[[ Working data open ]]

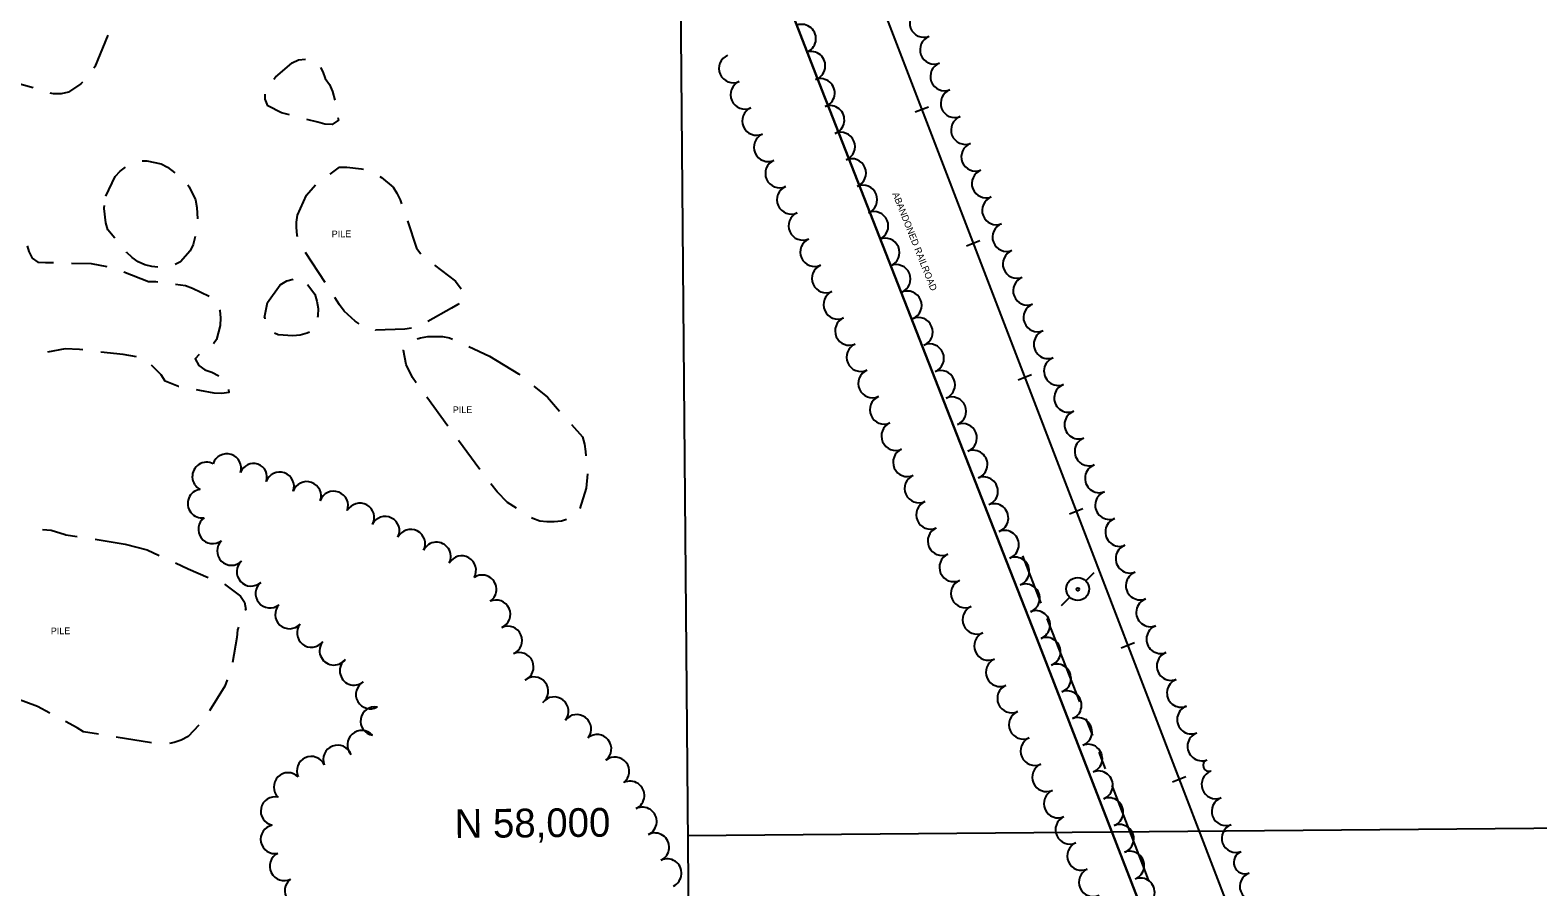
# Model space of a CAD drawing. Extents: x -2233 to 187241, y 4582 to 150524.
# Drawn here: x 104550 to 105601, y 57965 to 58561 of the extents above; entities that cross this region are included whole.
import ezdxf

# ---------------------------------------------------------------- set-up
doc = ezdxf.new("R2010")
doc.units = 0
for name, color, linetype in [('BLDG', 7, 'Continuous'), ('DIVISIONS', 7, 'Continuous'), ('DV_X_Corp_Line', 7, 'Continuous'), ('GRID', 7, 'Continuous'), ('RR', 7, 'Continuous'), ('TI_BORDER', 7, 'Continuous'), ('TRANSPWRLN', 7, 'Continuous'), ('TREES', 7, 'Continuous')]:
    doc.layers.add(name, color=color, linetype=linetype)

msp = doc.modelspace()

# ---------------------------------------------------------------- linework, layer by layer
at = {"layer": 'BLDG'}
for p, q in [((104720.3, 58527.3), (104721.4, 58528.6)), ((104756, 58385.6), (104742.3, 58406.5)), ((104856.1, 58341), (104870.5, 58334.3)), ((104841.6, 58285.6), (104826.8, 58305.8)), ((104863.7, 58255.3), (104849, 58275.5)), ((104595.6, 58206.7), (104616.6, 58203.3)), ((104635, 58064.9), (104610.3, 58068.9))]:
    msp.add_line(p, q, dxfattribs=at)
for points in [[(104604.6, 58558), (104595.4, 58536), (104594.7, 58535)], [(104721.4, 58528.6), (104732.9, 58538.6), (104737.5, 58540.7), (104742.2, 58541.2)], [(104752.7, 58535.4), (104754.3, 58532.4), (104756.1, 58527.7), (104759, 58523.5), (104761.1, 58518.8), (104762.8, 58512.7)], [(104552.4, 58521.2), (104536.5, 58525.8), (104531.2, 58525.4), (104528.1, 58525.1)], [(104586.9, 58525.3), (104585.6, 58524), (104577.1, 58518.3), (104572, 58517.1), (104566.6, 58517.1), (104564.4, 58517.6)], [(104731.2, 58502.4), (104725.5, 58503.8), (104716.1, 58508.7), (104714.2, 58513.3), (104714.1, 58516.9)], [(104764.9, 58500.5), (104765.2, 58498.7), (104761, 58495.8), (104755.8, 58496), (104750.9, 58497.3), (104743.3, 58499.3)], [(104628.4, 58470.5), (104631.8, 58470.5), (104641.7, 58468.4), (104646.2, 58465.9), (104651.2, 58462)], [(104603.1, 58445.8), (104609.7, 58459.4), (104613.2, 58463.1), (104616.9, 58466.1)], [(104759.4, 58461.2), (104766.1, 58466.1), (104771.2, 58465.9), (104781.4, 58464.9), (104782.7, 58464.5)], [(104794.1, 58459.6), (104795.3, 58458.9), (104803.3, 58452.1), (104806, 58447.9), (104808.3, 58443.3), (104809.3, 58440.5)], [(104660.3, 58453.6), (104661.3, 58452.3), (104665.6, 58443.2), (104666.5, 58437.9), (104667.1, 58430)], [(104736.7, 58432.5), (104742.9, 58446.6), (104749.3, 58453.8)], [(104609.4, 58416.5), (104604.5, 58422.3), (104603.1, 58427.3), (104601.9, 58437.2), (104602, 58437.7), (104602.2, 58439.4)], [(104736.8, 58417.5), (104736.5, 58418.7), (104736, 58423.9), (104736.1, 58427.6), (104736.7, 58432.5)], [(104813.3, 58428.6), (104819.7, 58409.5), (104822.7, 58405.7)], [(104665.5, 58417.7), (104664, 58412.2), (104661.8, 58407.6), (104655.1, 58400.1), (104651.4, 58398.2)], [(104548.3, 58411.1), (104549.4, 58407.3), (104551.7, 58402.6), (104555.8, 58399.7), (104561, 58399.6), (104566.6, 58399.5)], [(104639.3, 58396.3), (104635.3, 58396.8), (104630.3, 58397.9), (104625.7, 58400.1), (104621.6, 58403), (104617.8, 58406.5), (104617.5, 58406.9)], [(104579.1, 58399.2), (104592.8, 58398.9), (104603.9, 58396.9)], [(104832.2, 58397.6), (104846.8, 58386.6), (104850.7, 58381.2)], [(104615.7, 58393), (104632.8, 58386.3), (104638, 58386.3), (104639.4, 58386.1)], [(104651.8, 58384.5), (104658.7, 58383.6), (104663.5, 58381.7), (104675.1, 58376.2)], [(104715.8, 58371.7), (104724.7, 58383.9), (104729.2, 58386.8), (104733.6, 58388)], [(104743.7, 58384.3), (104748.7, 58377.6), (104750.3, 58372.6), (104751.1, 58367.5), (104751, 58362.4), (104750.7, 58361.3)], [(104779.6, 58356.8), (104776.9, 58358.7), (104769.3, 58365.7), (104766.1, 58370), (104762.8, 58375.1)], [(104682.3, 58366.7), (104682.5, 58366.1), (104683.1, 58361), (104682.9, 58355.6), (104680.3, 58345.9), (104678.2, 58342.8)], [(104714.1, 58360.4), (104714.1, 58360.6), (104713.8, 58361.2), (104715.8, 58371.7)], [(104849.3, 58370.9), (104848.5, 58370.2), (104844.1, 58367.7), (104827.5, 58358.5)], [(104816.1, 58353.8), (104811.6, 58353.2), (104791.1, 58352.5), (104791.1, 58352.5)], [(104745, 58351.1), (104743.5, 58350.3), (104738.6, 58348.9), (104733.5, 58348.4), (104723.2, 58349.1), (104720.7, 58350.3)], [(104820.2, 58346.5), (104822.5, 58347.2), (104827.5, 58347.9), (104837.7, 58347.9), (104842.7, 58347.1), (104844.8, 58346.2)], [(104587.2, 58338.7), (104584.8, 58339), (104574.7, 58339.5), (104562.5, 58337)], [(104624.4, 58333.8), (104615.3, 58335.4), (104599.7, 58337.2)], [(104668.2, 58335.4), (104665.5, 58332.4), (104668, 58327.9), (104672.2, 58324.9), (104676.9, 58323.1), (104681.8, 58320.6)], [(104819.5, 58315.8), (104816.9, 58319.4), (104812.4, 58328.6), (104810.6, 58338.3), (104810.9, 58338.7)], [(104870.5, 58334.3), (104890.8, 58322), (104891.7, 58321.2)], [(104654.1, 58313.1), (104653.7, 58313.1), (104644.5, 58317), (104641.8, 58321.2), (104635, 58328)], [(104688.6, 58311.2), (104688.9, 58309.1), (104683.9, 58308.4), (104678.7, 58308.5), (104668.6, 58310.3), (104666.4, 58310.9)], [(104901.5, 58313.3), (104910.9, 58305.7), (104919.4, 58296.1)], [(104927.8, 58286.7), (104935.4, 58278.2), (104936.7, 58273.1), (104937.4, 58268), (104937.7, 58264.9)], [(104938.9, 58252.4), (104937.9, 58242.3), (104933.5, 58228.1)], [(104889.3, 58228.3), (104883.2, 58232.3), (104876, 58239.7), (104871.4, 58245.4)], [(104924.3, 58220.4), (104920.8, 58219.4), (104915.7, 58218.8), (104910.6, 58218.8), (104905.6, 58219.4), (104900.8, 58221.3), (104899.9, 58221.7)], [(104558.9, 58213.5), (104565.1, 58213.1), (104574.9, 58210.1), (104575.2, 58209.9), (104583.2, 58208.6)], [(104616.6, 58203.3), (104631.9, 58199.3), (104640.2, 58195.5)], [(104651.6, 58190.3), (104660.6, 58186.2), (104674.4, 58180)], [(104685.8, 58175.5), (104697, 58167.1), (104699.7, 58162.9), (104700.6, 58157.8), (104700.3, 58157)], [(104695.6, 58145.5), (104695, 58143.6), (104694.4, 58138.3), (104691.4, 58120.9)], [(104687.7, 58108.9), (104686.1, 58104.4), (104675.3, 58087.3)], [(104564, 58085.6), (104555.6, 58090.1), (104541.1, 58095.6)], [(104598, 58070.9), (104587.5, 58072.6), (104583.2, 58075.4), (104575, 58079.8)], [(104667.9, 58077.3), (104660.5, 58069.3), (104655.6, 58066.8), (104650.8, 58065.2), (104647.4, 58064.4)]]:
    msp.add_lwpolyline(points, dxfattribs=at)
at = {"layer": 'DIVISIONS'}
for p, q in [((105255.1, 58162.2), (105242.2, 58195.3)), ((105291, 58070.1), (105286.4, 58081.7)), ((105300, 58046.8), (105295.5, 58058.4)), ((105330.2, 57968.7), (105327.1, 57976.8))]:
    msp.add_line(p, q, dxfattribs=at)
for points in [[(105281.9, 58093.4), (105260.4, 58148.5), (105259.2, 58151.6)], [(105327.1, 57976.8), (105304.9, 58034.1), (105304.5, 58035.1)]]:
    msp.add_lwpolyline(points, dxfattribs=at)
at = {"layer": 'DV_X_Corp_Line'}
for p, q in [((105103.8, 58515.7), (104983.8, 58824.7)), ((105103.8, 58515.7), (104983.8, 58824.7)), ((104983.8, 58824.7), (105103.8, 58515.7)), ((104983.8, 58824.7), (105103.8, 58515.7)), ((105105.6, 58511.1), (105103.8, 58515.7)), ((105105.6, 58511.1), (105103.8, 58515.7)), ((105103.8, 58515.7), (105105.6, 58511.1)), ((105103.8, 58515.7), (105105.6, 58511.1)), ((105230.6, 58192), (105105.6, 58511.1)), ((105230.6, 58192), (105105.6, 58511.1)), ((105105.6, 58511.1), (105230.6, 58192)), ((105105.6, 58511.1), (105230.6, 58192)), ((105238.8, 58171.3), (105230.6, 58192)), ((105238.8, 58171.3), (105230.6, 58192)), ((105230.6, 58192), (105238.8, 58171.3)), ((105230.6, 58192), (105238.8, 58171.3)), ((105253.6, 58133.5), (105238.8, 58171.3)), ((105253.6, 58133.5), (105238.8, 58171.3)), ((105238.8, 58171.3), (105253.6, 58133.5)), ((105238.8, 58171.3), (105253.6, 58133.5)), ((105409.5, 57731.9), (105253.6, 58133.5)), ((105409.5, 57731.9), (105253.6, 58133.5)), ((105253.6, 58133.5), (105409.5, 57731.9)), ((105253.6, 58133.5), (105409.5, 57731.9))]:
    msp.add_line(p, q, dxfattribs=at)
at = {"layer": 'GRID'}
for p, q in [((104991.3, 60000), (105014.8, 57302.3)), ((110008.5, 58043.7), (105008.7, 58000))]:
    msp.add_line(p, q, dxfattribs=at)
at = {"layer": 'RR'}
for p, q in [((105167.2, 58504.5), (105176.5, 58508.1)), ((105203, 58411.2), (105212.4, 58414.8)), ((105238.9, 58317.9), (105248.3, 58321.5)), ((105274.8, 58224.5), (105284.1, 58228.1)), ((105310.7, 58131.2), (105320, 58134.8)), ((105346.5, 58037.8), (105355.9, 58041.4))]:
    msp.add_line(p, q, dxfattribs=at)
msp.add_lwpolyline([(105007.1, 58925.1), (105096.6, 58702), (105289.2, 58201.1), (105384.5, 57953), (105435.1, 57829.4)], dxfattribs=at)
at = {"layer": 'TI_BORDER'}
msp.add_line((104999.5, 59062.3), (105026.2, 56000.1), dxfattribs=at)
at = {"layer": 'TRANSPWRLN'}
for p, q in [((105286.1, 58177.7), (105291.9, 58183.5)), ((105269.3, 58160.5), (105275, 58166.4))]:
    msp.add_line(p, q, dxfattribs=at)
for centre, radius in [((105280.5, 58172.1), 8.01), ((105280.5, 58171.9), 1)]:
    msp.add_circle(centre, radius, dxfattribs=at)
at = {"layer": 'TREES'}
for centre, radius, start, end in [((105173.4, 58566.5), 10, 111.1323, 291.1323), ((105088.1, 58555.5), 10, 289.1036, 109.1036), ((105180.6, 58547.8), 10, 111.1323, 291.1323), ((105040.5, 58534.8), 10, 113.8433, 293.8433), ((105094.6, 58536.6), 10, 289.1036, 109.1036), ((105187.8, 58529.2), 10, 111.1323, 291.1323), ((105048.6, 58516.5), 10, 113.8433, 293.8433), ((105101.2, 58517.7), 10, 289.1036, 109.1036), ((105195, 58510.5), 10, 111.1323, 291.1323), ((105056.7, 58498.2), 10, 113.8433, 293.8433), ((105107.9, 58498.9), 10, 290.4541, 110.4541), ((105202.2, 58491.9), 10, 111.1323, 291.1323), ((105115.3, 58480.3), 10, 292.7898, 112.7898), ((105064.8, 58479.9), 10, 113.8433, 293.8433), ((105209.4, 58473.2), 10, 111.1323, 291.1323), ((105072.8, 58461.6), 10, 113.8433, 293.8433), ((105123, 58461.9), 10, 292.7898, 112.7898), ((105216.7, 58454.6), 10, 111.1323, 291.1323), ((105080.9, 58443.3), 10, 113.8433, 293.8433), ((105130.8, 58443.4), 10, 292.7898, 112.7898), ((105223.9, 58435.9), 10, 111.1323, 291.1323), ((105089, 58425.1), 10, 113.8433, 293.8433), ((105138.5, 58425), 10, 292.7898, 112.7898), ((105231.1, 58417.3), 10, 111.1323, 291.1323), ((105146.3, 58406.5), 10, 292.7898, 112.7898), ((105097.1, 58406.8), 10, 113.8433, 293.8433), ((105238.3, 58398.6), 10, 111.1323, 291.1323), ((105105.2, 58388.5), 10, 113.8433, 293.8433), ((105154, 58388.1), 10, 292.7898, 112.7898), ((105245.5, 58379.9), 10, 111.1323, 291.1323), ((105113.3, 58370.2), 10, 113.8433, 293.8433), ((105161.8, 58369.7), 10, 292.7898, 112.7898), ((105252.7, 58361.3), 10, 111.0484, 291.0484), ((105121.4, 58351.9), 10, 113.8433, 293.8433), ((105169.5, 58351.2), 10, 292.7898, 112.7898), ((105129.4, 58333.6), 10, 113.8433, 293.8433), ((105177.3, 58332.8), 10, 292.7898, 112.7898), ((105259.9, 58342.6), 10, 110.922, 290.922), ((105267, 58323.9), 10, 110.922, 290.922), ((105137.5, 58315.3), 10, 113.8433, 293.8433), ((105185, 58314.3), 10, 292.7898, 112.7898), ((105274.1, 58305.2), 10, 110.922, 290.922), ((105145.6, 58297), 10, 113.8433, 293.8433), ((105192.8, 58295.9), 10, 292.7898, 112.7898), ((105281.3, 58286.6), 10, 110.922, 290.922), ((105153.7, 58278.7), 10, 113.8433, 293.8433), ((105200.3, 58277.4), 10, 291.627, 111.627), ((105161.8, 58260.4), 10, 113.8433, 293.8433), ((105288.4, 58267.9), 10, 110.922, 290.922), ((104673.4, 58250.4), 10, 62.6964, 242.6964), ((104687.5, 58256.3), 10, 342.6275, 162.6275), ((104706, 58250.1), 9.47, 340.4837, 160.4837), ((105207.6, 58258.8), 10, 291.3511, 111.3511), ((105295.6, 58249.2), 10, 110.922, 290.922), ((104724.3, 58243.6), 10, 340.4837, 160.4837), ((105169.9, 58242.1), 10, 113.8433, 293.8433), ((105214.9, 58240.2), 10, 291.3511, 111.3511), ((104670.2, 58231.6), 10, 98.1496, 278.1496), ((104743.2, 58236.9), 10, 340.4837, 160.4837), ((104762, 58230.2), 10, 339.9893, 159.9893), ((105302.7, 58230.5), 10, 110.922, 290.922), ((104780.2, 58221.9), 10, 331.0293, 151.0293), ((105177.9, 58223.8), 10, 113.8433, 293.8433), ((105222.2, 58221.5), 10, 291.3511, 111.3511), ((104677.6, 58213.7), 10, 126.9029, 306.9029), ((104797.8, 58212.6), 10, 333.3463, 153.3463), ((105309.8, 58211.8), 10, 110.922, 290.922), ((104815.7, 58203.6), 10, 333.3464, 153.3464), ((105186, 58205.5), 10, 113.8433, 293.8433), ((105229.5, 58202.9), 10, 291.3511, 111.3511), ((104690.7, 58198.6), 10, 134.9171, 314.9171), ((104833.6, 58194.7), 10, 333.4765, 153.4765), ((105194.1, 58187.2), 10, 113.8433, 293.8433), ((105317, 58193.2), 10, 110.922, 290.922), ((104704.4, 58184.1), 10, 131.8936, 311.8936), ((104851.2, 58185.2), 10, 329.8613, 149.8613), ((105236.8, 58184.3), 10, 291.3511, 111.3511), ((104717.4, 58168.9), 10, 129.2903, 309.2903), ((104865.4, 58171.8), 10, 303.8258, 123.8258), ((105202.2, 58169), 10, 113.8433, 293.8433), ((105244.1, 58165.6), 10, 291.3511, 111.3511), ((105324.1, 58174.5), 10, 110.922, 290.922), ((104875.1, 58154.4), 10, 294.5092, 114.5092), ((105331.3, 58155.8), 10, 110.922, 290.922), ((104731.2, 58154.4), 10, 137.7856, 317.7856), ((105210.3, 58150.7), 10, 113.8433, 293.8433), ((105251.3, 58147), 10, 291.3511, 111.3511), ((104746.4, 58141.5), 10, 141.7707, 321.7707), ((104883.3, 58136.2), 9.99, 293.5466, 113.5466), ((105338.4, 58137.1), 10, 110.922, 290.922), ((104762.1, 58129.1), 10, 141.4612, 321.4612), ((105218.4, 58132.4), 10, 113.8433, 293.8433), ((105258.6, 58128.4), 10, 291.3511, 111.3511), ((104776.2, 58115.1), 10, 128.8592, 308.8592), ((104891.3, 58117.8), 10, 293.5466, 113.5466), ((105226.5, 58114.1), 10, 113.8433, 293.8433), ((105345.6, 58118.4), 10, 110.922, 290.922), ((105265.9, 58109.8), 10, 291.3511, 111.3511), ((104787.4, 58098.6), 10, 119.4603, 299.4603), ((104901.5, 58100.8), 10, 308.3241, 128.3241), ((105234.5, 58095.8), 10, 113.8433, 293.8433), ((105273.2, 58091.1), 10, 291.3511, 111.3511), ((105352.7, 58099.7), 10, 110.922, 290.922), ((104915.6, 58086.9), 10, 322.2469, 142.2469), ((105359.8, 58081.1), 10, 110.922, 290.922), ((104790.7, 58080), 10, 80.4069, 260.4069), ((104931.4, 58074.6), 10, 322.3985, 142.3985), ((105242.6, 58077.5), 10, 113.8433, 293.8433), ((105280.5, 58072.5), 10, 291.3511, 111.3511), ((104781.5, 58063.5), 10, 41.5464, 221.5464), ((104945.5, 58060.7), 10, 308.4211, 128.4211), ((105367, 58062.4), 10, 110.922, 290.922), ((104764.7, 58053.3), 10, 21.3869, 201.3869), ((105250.7, 58059.2), 10, 113.8433, 293.8433), ((105287.7, 58053.9), 10, 291.3511, 111.3511), ((104746.3, 58045.4), 10, 24.7157, 204.7157), ((104958, 58045), 10, 308.418, 128.418), ((105258.8, 58040.9), 10, 113.8433, 293.8433), ((105372, 58049.2), 4.14, 110.472, 290.472), ((104730.2, 58034.1), 10, 45.3244, 225.3244), ((104968.5, 58028.2), 10, 295.6137, 115.6137), ((105295, 58035.3), 10, 291.3511, 111.3511), ((105376.9, 58035.9), 10, 110.472, 290.472), ((104721.1, 58017.3), 10, 78.105, 258.105), ((105266.9, 58022.6), 10, 113.9334, 293.9334), ((104977.1, 58010.1), 10, 295.6137, 115.6137), ((105302.3, 58016.6), 10, 291.3511, 111.3511), ((105383.9, 58017.2), 10, 110.472, 290.472), ((104721, 57997.7), 10, 101.0934, 281.0934), ((105275, 58004.3), 10, 114.0698, 294.0698), ((105309.6, 57998), 10, 291.3511, 111.3511), ((105390.9, 57998.5), 10, 110.472, 290.472), ((104985.8, 57992.1), 10, 295.6137, 115.6137), ((104727.4, 57978.9), 10, 116.438, 296.438), ((105283.2, 57986.1), 10, 114.0698, 294.0698), ((105316.9, 57979.4), 10, 291.3511, 111.3511), ((105397.2, 57981.6), 7.95, 110.472, 290.472), ((104994.4, 57974.1), 10, 295.6137, 115.6137), ((105291.3, 57967.8), 10, 114.0698, 294.0698), ((104737.9, 57962), 10, 127.6327, 307.6327), ((105324.2, 57960.7), 10, 291.3511, 111.3511), ((105403.5, 57964.8), 10, 110.472, 290.472)]:
    msp.add_arc(centre, radius, start, end, dxfattribs=at)

# ---------------------------------------------------------------- texts
at = {"layer": 'BLDG'}
for p in [(104760.6, 58417.1), (104845, 58294.6), (104564.8, 58140.5)]:
    msp.add_text('PILE', height=4.68, rotation=0.5, dxfattribs=at).set_placement(p)
at = {"layer": 'GRID'}
msp.add_text('N 58,000', height=20, rotation=0.5, dxfattribs=at).set_placement((104846.3, 57998.6))
at = {"layer": 'RR'}
msp.add_text('ABANDONED RAILROAD', height=4.68, rotation=291.704, dxfattribs=at).set_placement((105151.2, 58447.5))

doc.saveas('drawing.dxf')

[[ Working data closed ]]

Exercise instructions -> Go through the records above and copy every line with the word "drawing".

Written response ->
# Model space of a CAD drawing. Extents: x -2233 to 187241, y 4582 to 150524.
doc.saveas('drawing.dxf')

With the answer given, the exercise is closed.